▸ **Task description**:
From the records below, print exactly the lines starting at the one containing "fit = 12.8 ps" and ending at the one containing "GHz: 1.07, -0.01", ends included, and nothing else.

▸ **Saved data entries**:
___

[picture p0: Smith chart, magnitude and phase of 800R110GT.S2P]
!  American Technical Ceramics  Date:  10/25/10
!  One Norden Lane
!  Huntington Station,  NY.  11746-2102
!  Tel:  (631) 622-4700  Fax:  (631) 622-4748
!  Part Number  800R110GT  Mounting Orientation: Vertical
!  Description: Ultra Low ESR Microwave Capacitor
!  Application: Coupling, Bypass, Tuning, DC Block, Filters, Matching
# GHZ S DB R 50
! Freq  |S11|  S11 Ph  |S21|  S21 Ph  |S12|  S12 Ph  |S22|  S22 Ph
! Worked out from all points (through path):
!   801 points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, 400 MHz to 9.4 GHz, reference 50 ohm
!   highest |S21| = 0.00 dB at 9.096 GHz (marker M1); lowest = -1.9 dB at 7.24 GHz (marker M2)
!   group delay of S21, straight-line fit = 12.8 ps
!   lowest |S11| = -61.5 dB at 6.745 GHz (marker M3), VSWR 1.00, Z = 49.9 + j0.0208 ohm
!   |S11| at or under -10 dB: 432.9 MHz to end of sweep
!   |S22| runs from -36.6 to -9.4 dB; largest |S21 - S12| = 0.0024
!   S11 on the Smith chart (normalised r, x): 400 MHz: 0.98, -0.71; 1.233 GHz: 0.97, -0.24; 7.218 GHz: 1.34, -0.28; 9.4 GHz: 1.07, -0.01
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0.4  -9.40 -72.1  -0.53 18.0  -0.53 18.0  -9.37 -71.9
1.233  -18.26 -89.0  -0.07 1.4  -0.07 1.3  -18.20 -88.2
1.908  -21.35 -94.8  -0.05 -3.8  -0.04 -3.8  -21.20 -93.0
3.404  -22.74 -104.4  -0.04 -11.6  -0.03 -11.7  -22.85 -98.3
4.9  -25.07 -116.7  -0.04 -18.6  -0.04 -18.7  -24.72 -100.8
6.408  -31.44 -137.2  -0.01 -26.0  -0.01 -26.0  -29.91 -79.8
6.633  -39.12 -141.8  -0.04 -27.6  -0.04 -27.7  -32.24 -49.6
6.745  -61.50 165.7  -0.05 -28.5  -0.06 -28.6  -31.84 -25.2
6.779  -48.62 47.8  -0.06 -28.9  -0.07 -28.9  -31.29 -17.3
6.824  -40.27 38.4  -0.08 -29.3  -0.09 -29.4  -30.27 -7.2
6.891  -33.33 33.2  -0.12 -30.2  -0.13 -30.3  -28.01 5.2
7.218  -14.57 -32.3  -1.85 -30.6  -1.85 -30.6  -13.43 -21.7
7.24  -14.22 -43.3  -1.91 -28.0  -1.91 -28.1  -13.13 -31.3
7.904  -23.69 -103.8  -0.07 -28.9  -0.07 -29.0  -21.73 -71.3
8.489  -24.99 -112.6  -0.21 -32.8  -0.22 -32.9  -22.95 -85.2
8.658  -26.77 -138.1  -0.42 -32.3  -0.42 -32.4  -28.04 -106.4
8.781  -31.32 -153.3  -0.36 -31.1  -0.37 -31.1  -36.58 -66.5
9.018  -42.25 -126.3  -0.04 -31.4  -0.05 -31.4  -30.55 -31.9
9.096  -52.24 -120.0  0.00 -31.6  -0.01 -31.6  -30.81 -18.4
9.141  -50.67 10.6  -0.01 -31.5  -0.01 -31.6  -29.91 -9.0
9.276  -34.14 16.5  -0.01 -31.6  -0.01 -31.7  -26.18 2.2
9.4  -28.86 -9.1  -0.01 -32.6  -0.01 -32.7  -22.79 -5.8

___

▸ **Reply**:
!   group delay of S21, straight-line fit = 12.8 ps
!   lowest |S11| = -61.5 dB at 6.745 GHz (marker M3), VSWR 1.00, Z = 49.9 + j0.0208 ohm
!   |S11| at or under -10 dB: 432.9 MHz to end of sweep
!   |S22| runs from -36.6 to -9.4 dB; largest |S21 - S12| = 0.0024
!   S11 on the Smith chart (normalised r, x): 400 MHz: 0.98, -0.71; 1.233 GHz: 0.97, -0.24; 7.218 GHz: 1.34, -0.28; 9.4 GHz: 1.07, -0.01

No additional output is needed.